Please count the lines in this listing that include the string "Superelevation", and give only the number.

====== Input data ======

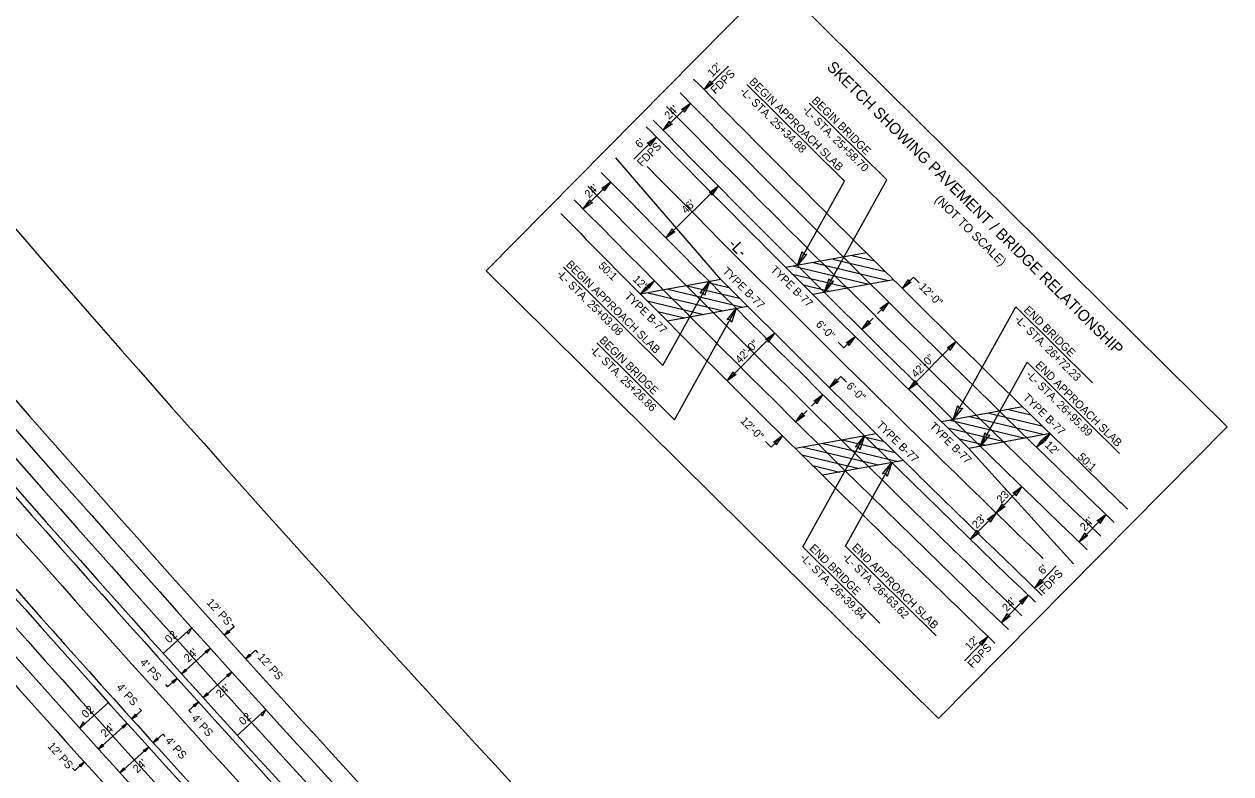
# Model space of a CAD drawing. Extents: x 1602193 to 1605074, y 908180 to 910630.
# Drawn here: x 1602900 to 1603654, y 909541 to 910009 of the extents above; entities that cross this region are included whole.
import ezdxf

# ---------------------------------------------------------------- set-up
doc = ezdxf.new("R2010")
doc.units = 0
for name, color, linetype in [('Prop Approach Slab', 7, 'Continuous'), ('Prop Approach Slab Hatching', 7, 'Continuous'), ('Prop Cable Guiderail Double Face', 7, 'Continuous'), ('Prop Dimension', 7, 'Continuous'), ('Prop Dimension Text', 7, 'Continuous'), ('Prop DSN Text', 7, 'Continuous'), ('Prop EOT', 7, 'Continuous'), ('Prop Fence Woven Wire', 7, 'Continuous'), ('Prop Horizontal Alignment', 7, 'Continuous'), ('Prop Horizontal Alignment Station Label', 7, 'Continuous'), ('Prop Lane Lines', 7, 'Continuous'), ('Prop Paved Shoulder', 7, 'Continuous'), ('Prop Roadway Bridge', 7, 'Continuous'), ('Prop Structure Anchor Unit CELL', 7, 'Continuous'), ('Prop Superelevation  Arrow CELL', 7, 'Continuous'), ('Prop Superelevation Label', 7, 'Continuous'), ('Prop Terminator CELL', 7, 'Continuous')]:
    doc.layers.add(name, color=color, linetype=linetype)

msp = doc.modelspace()

# ---------------------------------------------------------------- linework, layer by layer
at = {"layer": 'Prop Approach Slab'}
for p, q in [((1603426.15, 909865.89), (1603375.89, 909856.69)), ((1603335.26, 909849.24), (1603285.14, 909840.06)), ((1603540.84, 909753.06), (1603490.19, 909743.78)), ((1603449.24, 909736.28), (1603398.73, 909727.02))]:
    msp.add_line(p, q, dxfattribs=at)
for radius, start, end in [(14299.86, 225.146584, 225.241734), (14341.86, 225.030204, 225.124941), (14375.86, 224.936597, 225.031002), (14417.86, 224.821732, 224.915732), (14299.86, 225.695412, 225.791225), (14341.86, 225.576639, 225.672031), (14375.86, 225.481114, 225.576185), (14417.86, 225.3639, 225.458558)]:
    msp.add_arc((1613511.77, 920003.26), radius, start, end, dxfattribs=at)
at = {"layer": 'Prop Approach Slab Hatching'}
for p, q in [((1603392.97, 909859.82), (1603439.87, 909848.59)), ((1603405.14, 909862.04), (1603437.92, 909854.19)), ((1603417.3, 909864.27), (1603431.1, 909860.97)), ((1603379.93, 909852.66), (1603415.54, 909844.13)), ((1603380.81, 909857.59), (1603427.71, 909846.36)), ((1603302.09, 909843.17), (1603348.99, 909831.94)), ((1603314.25, 909845.4), (1603346.92, 909837.57)), ((1603326.42, 909847.62), (1603340.17, 909844.33)), ((1603386.71, 909845.89), (1603403.38, 909841.9)), ((1603289.2, 909835.97), (1603324.66, 909827.48)), ((1603289.93, 909840.94), (1603336.82, 909829.71)), ((1603295.92, 909829.22), (1603312.49, 909825.25)), ((1603514.87, 909768.13), (1603528.79, 909764.8)), ((1603478.38, 909761.44), (1603525.28, 909750.21)), ((1603490.54, 909763.67), (1603537.45, 909752.44)), ((1603502.7, 909765.9), (1603535.79, 909757.98)), ((1603477.07, 909756.62), (1603513.12, 909747.98)), ((1603399.05, 909746.91), (1603445.96, 909735.68)), ((1603411.21, 909749.14), (1603444.18, 909741.25)), ((1603423.38, 909751.37), (1603437.25, 909748.05)), ((1603484.02, 909749.81), (1603500.96, 909745.76)), ((1603385.74, 909739.82), (1603421.64, 909731.22)), ((1603386.88, 909744.68), (1603433.8, 909733.45)), ((1603392.63, 909733.03), (1603409.47, 909728.99))]:
    msp.add_line(p, q, dxfattribs=at)
at = {"layer": 'Prop Cable Guiderail Double Face'}
msp.add_arc((1613646.31, 919202), 14354.86, 219.580763, 222.768936, dxfattribs=at)
at = {"layer": 'Prop Dimension Text'}
for p, q in [((1603188.56, 909854.76), (1603368.87, 910036.95)), ((1603368.87, 910036.95), (1603651.42, 909757.33)), ((1603324.84, 909967.7), (1603339.91, 909982.54)), ((1603412.36, 909910.74), (1603351.36, 909971.1)), ((1603299.2, 909942.43), (1603316.3, 909959.28)), ((1603438.86, 909911.46), (1603390.43, 909959.39)), ((1603280.88, 909924.39), (1603294.92, 909938.22)), ((1603383.07, 909858), (1603412.36, 909910.74)), ((1603399.87, 909841.26), (1603438.86, 909911.46)), ((1603249.33, 909893.31), (1603266.43, 909910.15)), ((1603300.98, 909875.2), (1603333.64, 909907.59)), ((1603188.56, 909854.76), (1603471.11, 909575.13)), ((1603299.04, 909795.6), (1603236.97, 909857.03)), ((1603455.65, 909850.7), (1603448.61, 909843.6)), ((1603455.65, 909850.7), (1603459.2, 909847.18)), ((1603293.65, 909848.52), (1603285.14, 909840.06)), ((1603299.04, 909795.6), (1603328.1, 909847.93)), ((1603306.26, 909761.72), (1603344.83, 909831.18)), ((1603440.16, 909835.07), (1603433.13, 909827.97)), ((1603480.35, 909761.81), (1603519.42, 909832.16)), ((1603567.31, 909784.75), (1603519.42, 909832.16)), ((1603430.31, 909825.12), (1603423.27, 909818.02)), ((1603339.12, 909786.03), (1603368.75, 909815.79)), ((1603419.05, 909813.76), (1603412.01, 909806.65)), ((1603306.26, 909761.72), (1603257.75, 909809.73)), ((1603412.01, 909806.65), (1603408.46, 909810.17)), ((1603452.63, 909780.6), (1603482.09, 909810.54)), ((1603497.42, 909745.11), (1603526.62, 909797.68)), ((1603584.32, 909740.57), (1603526.62, 909797.68)), ((1603403.18, 909781.63), (1603410.21, 909788.74)), ((1603410.21, 909788.74), (1603413.76, 909785.23)), ((1603391.93, 909770.26), (1603398.96, 909777.37)), ((1603382.08, 909760.3), (1603389.11, 909767.41)), ((1603471.11, 909575.13), (1603651.42, 909757.33)), ((1603532.47, 909744.46), (1603540.84, 909753.06)), ((1603366.61, 909744.66), (1603363.06, 909748.18)), ((1603366.61, 909744.66), (1603373.64, 909751.77)), ((1603386.49, 909682.32), (1603425.01, 909751.67)), ((1603413.04, 909682.78), (1603442.02, 909734.96)), ((1603507.22, 909703.46), (1603523.24, 909719.96)), ((1603491.19, 909686.97), (1603507.22, 909703.46)), ((1603559.03, 909685.32), (1603575.69, 909702.59)), ((1603434.56, 909634.76), (1603386.49, 909682.32)), ((1603469.68, 909626.73), (1603413.04, 909682.78)), ((1603531.26, 909656.53), (1603544.66, 909670.42)), ((1603510.43, 909634.94), (1603527.1, 909652.21)), ((1603031.16, 909632.47), (1603025.22, 909627.11)), ((1603029.82, 909633.96), (1603031.16, 909632.47)), ((1603502.1, 909626.3), (1603487.42, 909611.08)), ((1602998.5, 909602.99), (1603016.31, 909619.07)), ((1603044.46, 909617.73), (1603038.53, 909612.36)), ((1603044.46, 909617.73), (1603045.81, 909616.25)), ((1603011.92, 909588.12), (1603029.71, 909604.23)), ((1602988.25, 909596.43), (1602989.59, 909594.95)), ((1602995.53, 909600.31), (1602989.59, 909594.95)), ((1602973.26, 909580.21), (1602967.32, 909574.84)), ((1602971.92, 909581.69), (1602973.26, 909580.21)), ((1603008.88, 909585.52), (1603002.95, 909580.15)), ((1603002.95, 909580.15), (1603004.29, 909578.67)), ((1602946.54, 909556.08), (1602964.35, 909572.16)), ((1602986.64, 909565.38), (1602980.71, 909560.01)), ((1602986.64, 909565.38), (1602987.98, 909563.9)), ((1602959.96, 909541.21), (1602977.75, 909557.32)), ((1602930.35, 909544.16), (1602931.69, 909542.68)), ((1602937.63, 909548.04), (1602931.69, 909542.68))]:
    msp.add_line(p, q, dxfattribs=at)
at = {"layer": 'Prop DSN Text'}
for points in [[(1603289.89, 909843.37), (1603285.14, 909840.06), (1603288.48, 909844.79), (1603288.68, 909843.59)], [(1603288.9, 909845.21), (1603293.65, 909848.52), (1603290.31, 909843.79), (1603290.1, 909844.99)], [(1603536.15, 909749.67), (1603540.84, 909753.06), (1603537.58, 909748.28), (1603537.35, 909749.48)], [(1603537.17, 909747.85), (1603532.47, 909744.46), (1603535.73, 909749.25), (1603535.96, 909748.05)], [(1603028.49, 909629.17), (1603025.22, 909627.11), (1603027.59, 909630.16), (1603027.69, 909629.35)], [(1603013.04, 909617.02), (1603016.31, 909619.07), (1603013.93, 909616.03), (1603013.83, 909616.84)], [(1603041.8, 909614.42), (1603038.53, 909612.36), (1603040.9, 909615.41), (1603041, 909614.6)], [(1603001.76, 909605.04), (1602998.5, 909602.99), (1603000.87, 909606.03), (1603000.97, 909605.22)], [(1603026.45, 909602.17), (1603029.71, 909604.23), (1603027.34, 909601.18), (1603027.24, 909601.99)], [(1602992.26, 909598.26), (1602995.53, 909600.31), (1602993.15, 909597.27), (1602993.05, 909598.07)], [(1603015.19, 909590.18), (1603011.92, 909588.12), (1603014.29, 909591.16), (1603014.39, 909590.36)], [(1603005.61, 909583.46), (1603008.88, 909585.52), (1603006.51, 909582.47), (1603006.41, 909583.28)], [(1602961.08, 909570.11), (1602964.35, 909572.16), (1602961.98, 909569.12), (1602961.88, 909569.93)], [(1602970.59, 909576.9), (1602967.32, 909574.84), (1602969.69, 909577.89), (1602969.8, 909577.08)], [(1602949.81, 909558.13), (1602946.54, 909556.08), (1602948.91, 909559.13), (1602949.01, 909558.32)], [(1602974.49, 909555.26), (1602977.75, 909557.32), (1602975.38, 909554.27), (1602975.28, 909555.08)], [(1602983.97, 909562.07), (1602980.71, 909560.01), (1602983.08, 909563.06), (1602983.18, 909562.25)], [(1602934.36, 909545.99), (1602937.63, 909548.04), (1602935.25, 909545), (1602935.15, 909545.81)], [(1602963.23, 909543.27), (1602959.96, 909541.21), (1602962.33, 909544.26), (1602962.43, 909543.45)]]:
    msp.add_lwpolyline(points, close=True, dxfattribs=at)
at = {"layer": 'Prop EOT'}
for centre, radius, start, end in [((1613646.31, 919202), 14311.86, 219.480877, 227.661141), ((1613646.31, 919202), 14335.86, 219.480979, 227.66104), ((1613646.31, 919202), 14381.86, 219.480979, 227.66104), ((1613646.31, 919202), 14405.86, 219.479716, 227.662303), ((1613511.77, 920003.26), 14311.86, 224.534023, 226.061438), ((1613511.77, 920003.26), 14335.86, 224.535302, 226.060159), ((1613511.77, 920003.26), 14381.86, 224.53774, 226.05772), ((1613511.77, 920003.26), 14405.86, 224.539006, 226.056454)]:
    msp.add_arc(centre, radius, start, end, dxfattribs=at)
at = {"layer": 'Prop Fence Woven Wire'}
for centre, radius, start, end in [((1613597.21, 919158.4), 14163.95, 218.093461, 222.076817), ((1613600.64, 919155.95), 14423.95, 219.415042, 223.36309), ((1613597.21, 919158.4), 14163.95, 222.076817, 224.234567)]:
    msp.add_arc(centre, radius, start, end, dxfattribs=at)
at = {"layer": 'Prop Horizontal Alignment'}
msp.add_arc((1613511.77, 920003.26), 14358.86, 224.607069, 225.996232, dxfattribs=at)
at = {"layer": 'Prop Lane Lines'}
for centre, radius, start, end in [((1613646.31, 919202), 14323.86, 219.480979, 227.66104), ((1613646.31, 919202), 14393.86, 219.480979, 227.66104), ((1613511.77, 920003.26), 14323.86, 224.534663, 226.060798), ((1613511.77, 920003.26), 14393.86, 224.538374, 226.057086)]:
    msp.add_arc(centre, radius, start, end, dxfattribs=at)
at = {"layer": 'Prop Paved Shoulder'}
for p, q in [((1603335.26, 909849.24), (1603269.59, 909925.26)), ((1603540.84, 909753.06), (1603583.87, 909711.07)), ((1603490.19, 909743.78), (1603555.43, 909671.71))]:
    msp.add_line(p, q, dxfattribs=at)
for centre, radius, start, end in [((1613646.31, 919202), 14299.86, 219.480979, 223.794464), ((1613646.31, 919202), 14339.86, 219.480979, 222.863015), ((1613646.31, 919202), 14377.86, 219.48119, 222.373049), ((1613646.31, 919202), 14417.86, 219.480979, 222.382421), ((1613511.77, 920003.26), 14299.86, 224.533383, 225.146584), ((1613511.77, 920003.26), 14341.86, 224.535621, 225.030203), ((1613511.77, 920003.26), 14417.86, 224.539638, 224.821732), ((1613511.77, 920003.26), 14375.86, 225.576185, 226.058037), ((1613511.77, 920003.26), 14417.86, 225.458558, 226.055822), ((1613511.62, 920003.1), 14299.86, 226.032131, 226.061438)]:
    msp.add_arc(centre, radius, start, end, dxfattribs=at)
at = {"layer": 'Prop Roadway Bridge'}
for p, q in [((1603443, 909849.16), (1603392.69, 909839.94)), ((1603352.01, 909832.49), (1603301.82, 909823.3)), ((1603523.71, 909769.75), (1603473.12, 909760.48)), ((1603432.22, 909752.99), (1603381.76, 909743.75))]:
    msp.add_line(p, q, dxfattribs=at)
for radius, start, end in [(14299.86, 225.241734, 225.695412), (14341.86, 225.124941, 225.576639), (14375.86, 225.031002, 225.481114), (14417.86, 224.915732, 225.3639)]:
    msp.add_arc((1613511.77, 920003.26), radius, start, end, dxfattribs=at)
at = {"layer": 'Prop Superelevation  Arrow CELL'}
for p, q in [((1603004.76, 909631.9), (1602986.91, 909615.85)), ((1602952.71, 909585.09), (1602934.86, 909569.05)), ((1603050.96, 909580.77), (1603033.2, 909564.64))]:
    msp.add_line(p, q, dxfattribs=at)
for points in [[(1603004.76, 909631.9), (1603002.41, 909627.78), (1603002.18, 909629.58)], [(1603050.96, 909580.77), (1603048.64, 909576.64), (1603048.39, 909578.44)], [(1602934.86, 909569.05), (1602937.21, 909573.17), (1602937.44, 909571.36)]]:
    msp.add_lwpolyline(points, close=True, dxfattribs=at)
at = {"layer": 'Prop Terminator CELL'}
for points in [[(1603330.47, 909971.61), (1603324.84, 909967.7), (1603328.84, 909973.32), (1603329.06, 909971.86)], [(1603310.67, 909955.37), (1603316.3, 909959.28), (1603312.3, 909953.66), (1603312.07, 909955.12)], [(1603304.82, 909946.34), (1603299.2, 909942.43), (1603303.19, 909948.05), (1603303.42, 909946.59)], [(1603289.3, 909934.31), (1603294.92, 909938.22), (1603290.93, 909932.6), (1603290.7, 909934.06)], [(1603260.8, 909906.24), (1603266.43, 909910.15), (1603262.44, 909904.53), (1603262.21, 909905.99)], [(1603328.03, 909903.66), (1603333.64, 909907.59), (1603329.67, 909901.96), (1603329.43, 909903.42)], [(1603254.96, 909897.22), (1603249.33, 909893.31), (1603253.32, 909898.93), (1603253.55, 909897.46)], [(1603306.59, 909879.12), (1603300.98, 909875.2), (1603304.96, 909880.83), (1603305.19, 909879.37)], [(1603388.79, 909865.12), (1603383.07, 909858), (1603386.06, 909866.69), (1603386.9, 909864.91)], [(1603388.79, 909865.12), (1603383.07, 909858), (1603386.06, 909866.69), (1603386.9, 909864.91)], [(1603322.37, 909840.82), (1603328.1, 909847.93), (1603325.1, 909839.24), (1603324.26, 909841.03)], [(1603405.59, 909848.37), (1603399.87, 909841.26), (1603402.86, 909849.95), (1603403.7, 909848.16)], [(1603405.59, 909848.37), (1603399.87, 909841.26), (1603402.86, 909849.95), (1603403.7, 909848.16)], [(1603454.18, 909847.57), (1603448.61, 909843.6), (1603452.53, 909849.26), (1603452.78, 909847.81)], [(1603339.11, 909824.06), (1603344.83, 909831.18), (1603341.84, 909822.49), (1603341, 909824.27)], [(1603339.11, 909824.06), (1603344.83, 909831.18), (1603341.84, 909822.49), (1603341, 909824.27)], [(1603434.59, 909831.09), (1603440.16, 909835.07), (1603436.24, 909829.4), (1603435.99, 909830.86)], [(1603428.85, 909822), (1603423.27, 909818.02), (1603427.2, 909823.69), (1603427.44, 909822.23)], [(1603363.17, 909811.83), (1603368.75, 909815.79), (1603364.82, 909810.13), (1603364.57, 909811.59)], [(1603413.48, 909809.78), (1603419.05, 909813.76), (1603415.13, 909808.09), (1603414.88, 909809.55)], [(1603476.53, 909806.54), (1603482.09, 909810.54), (1603478.19, 909804.86), (1603477.94, 909806.32)], [(1603344.71, 909789.99), (1603339.12, 909786.03), (1603343.06, 909791.68), (1603343.3, 909790.22)], [(1603408.75, 909785.61), (1603403.18, 909781.63), (1603407.1, 909787.3), (1603407.34, 909785.84)], [(1603458.2, 909784.6), (1603452.63, 909780.6), (1603456.54, 909786.28), (1603456.79, 909784.83)], [(1603393.38, 909773.38), (1603398.96, 909777.37), (1603395.04, 909771.7), (1603394.79, 909773.15)], [(1603486.07, 909768.92), (1603480.35, 909761.81), (1603483.34, 909770.49), (1603484.18, 909768.71)], [(1603486.07, 909768.92), (1603480.35, 909761.81), (1603483.34, 909770.49), (1603484.18, 909768.71)], [(1603387.65, 909764.28), (1603382.08, 909760.3), (1603386, 909765.97), (1603386.25, 909764.51)], [(1603503.15, 909752.22), (1603497.42, 909745.11), (1603500.42, 909753.8), (1603501.26, 909752.01)], [(1603503.15, 909752.22), (1603497.42, 909745.11), (1603500.42, 909753.8), (1603501.26, 909752.01)], [(1603368.07, 909747.79), (1603373.64, 909751.77), (1603369.72, 909746.1), (1603369.48, 909747.56)], [(1603419.28, 909744.55), (1603425.01, 909751.67), (1603422.01, 909742.98), (1603421.17, 909744.76)], [(1603419.28, 909744.55), (1603425.01, 909751.67), (1603422.01, 909742.98), (1603421.17, 909744.76)], [(1603436.3, 909727.84), (1603442.02, 909734.96), (1603439.03, 909726.27), (1603438.19, 909728.05)], [(1603517.71, 909715.93), (1603523.24, 909719.96), (1603519.38, 909714.26), (1603519.12, 909715.71)], [(1603512.76, 909707.5), (1603507.22, 909703.46), (1603511.09, 909709.17), (1603511.35, 909707.71)], [(1603501.68, 909699.43), (1603507.22, 909703.46), (1603503.35, 909697.76), (1603503.09, 909699.21)], [(1603570.17, 909698.54), (1603575.69, 909702.59), (1603571.85, 909696.87), (1603571.58, 909698.33)], [(1603496.73, 909691), (1603491.19, 909686.97), (1603495.06, 909692.67), (1603495.32, 909691.22)], [(1603564.56, 909689.37), (1603559.03, 909685.32), (1603562.88, 909691.04), (1603563.15, 909689.58)], [(1603536.79, 909660.58), (1603531.26, 909656.53), (1603535.11, 909662.25), (1603535.38, 909660.79)], [(1603521.57, 909648.16), (1603527.1, 909652.21), (1603523.25, 909646.49), (1603522.98, 909647.95)], [(1603515.96, 909638.99), (1603510.43, 909634.94), (1603514.28, 909640.66), (1603514.55, 909639.2)], [(1603498.25, 909620.64), (1603502.1, 909626.3), (1603496.53, 909622.25), (1603497.99, 909622.04)]]:
    msp.add_lwpolyline(points, close=True, dxfattribs=at)

# ---------------------------------------------------------------- texts
at = {"layer": 'Prop Dimension'}
for s, height, p in [('SKETCH SHOWING PAVEMENT / BRIDGE RELATIONSHIP', 7, (1603400.9, 909981.34)), ('(NOT TO SCALE)', 5.5, (1603468.44, 909898.67))]:
    msp.add_text(s, height=height, rotation=315.29764, dxfattribs=at).set_placement(p)
at = {"layer": 'Prop Dimension Text'}
for s, rotation, p in [("12'", 44.57114, (1603329.83, 909975.41)), ('FDPS', 44.57114, (1603331.78, 909964.71)), ('BEGIN APPROACH SLAB', 315.29764, (1603352.53, 909972.29)), ('-L- STA. 25+34.88', 315.29764, (1603346.67, 909966.37)), ('BEGIN BRIDGE', 315.29764, (1603391.6, 909960.57)), ("24'", 44.57114, (1603302.88, 909948.87)), ('-L- STA. 25+58.70', 315.29764, (1603385.74, 909954.65)), ("6'", 44.57114, (1603284.63, 909930.89)), ('FDPS', 44.57114, (1603285.79, 909919.4)), ("24'", 44.57114, (1603253.01, 909899.74)), ("46'", 44.76694, (1603313.5, 909889.96)), ('BEGIN APPROACH SLAB', 315.29764, (1603238.14, 909858.21)), ('50:1', 315.70105, (1603258.32, 909857.34)), ('-L- STA. 25+03.08', 315.29764, (1603232.28, 909852.29)), ("12'", 315.29764, (1603279.82, 909848.94)), ('12\'-0"', 315.29764, (1603458.63, 909844.23)), ('END BRIDGE', 315.29764, (1603524.14, 909829.82)), ('6\'-0"', 315.29764, (1603394.16, 909820.81)), ('-L- STA. 26+72.23', 315.29764, (1603518.28, 909823.9)), ('BEGIN BRIDGE', 315.29764, (1603258.93, 909810.92)), ('-L- STA. 25+26.86', 315.29764, (1603253.06, 909804.99)), ('42\'-0"', 45.12527, (1603347.19, 909796.49)), ('42\'-0"', 45.46191, (1603457.18, 909787.6)), ('END APPROACH SLAB', 315.29764, (1603531.34, 909795.35)), ('-L- STA. 26+95.89', 315.29764, (1603525.48, 909789.42)), ('6\'-0"', 315.29764, (1603413.19, 909782.28)), ('12\'-0"', 315.29764, (1603347.02, 909760.53)), ("12'", 315.29764, (1603537.26, 909745.4)), ('50:1', 315.70105, (1603557.64, 909738.06)), ("23'", 45.83306, (1603510.46, 909709.19)), ("23'", 45.83306, (1603495.12, 909693.38)), ("24'", 46.03213, (1603562.55, 909691.85)), ('END APPROACH SLAB', 315.29764, (1603416.7, 909681.5)), ('END BRIDGE', 315.29764, (1603390.15, 909681.04)), ('-L- STA. 26+63.62', 315.29764, (1603410.84, 909675.58)), ('-L- STA. 26+39.84', 315.29764, (1603384.29, 909675.12)), ("6'", 46.03213, (1603536.39, 909664.72)), ('FDPS', 46.03213, (1603536.99, 909652.39)), ("12' PS", 312.07466, (1603013.65, 909647.33)), ("24'", 46.03213, (1603513.95, 909641.46)), ("12'", 46.03213, (1603490.66, 909617.32)), ("24'", 42.07466, (1603002.55, 909609.98)), ('FDPS', 46.03213, (1603492.46, 909606.22)), ("4' PS", 312.07466, (1602971.98, 909609.87)), ("12' PS", 312.15427, (1603045.49, 909613.19)), ("4' PS", 312.07466, (1602957.37, 909594.36)), ("24'", 42.15472, (1603022.64, 909587.74)), ("24'", 42.07466, (1602950.59, 909563.07)), ("4' PS", 312.15427, (1603004.25, 909575.03)), ("12' PS", 312.07466, (1602914.31, 909557.66)), ("4' PS", 312.15427, (1602987.82, 909561.02)), ("24'", 42.15472, (1602970.68, 909540.83))]:
    msp.add_text(s, height=5, rotation=rotation, dxfattribs=at).set_placement(p)
at = {"layer": 'Prop Horizontal Alignment Station Label'}
msp.add_text('-L-', height=7, rotation=315.10236, dxfattribs=at).set_placement((1603339.45, 909870.81))
at = {"layer": 'Prop Structure Anchor Unit CELL'}
for p in [(1603365.94, 909854.93), (1603335.84, 909853.93), (1603274.81, 909838.39), (1603523.6, 909775.11), (1603432.04, 909757.89), (1603465.08, 909757.15)]:
    msp.add_text('TYPE B-77', height=5, rotation=315.40639, dxfattribs=at).set_placement(p)
at = {"layer": 'Prop Superelevation Label'}
for rotation, p in [(41.96551, (1602990.64, 909621.89)), (41.96551, (1602938.59, 909575.08)), (42.24141, (1603036.89, 909570.69))]:
    msp.add_text('02', height=5, rotation=rotation, dxfattribs=at).set_placement(p)

doc.saveas('drawing.dxf')

======

### Written reply:
3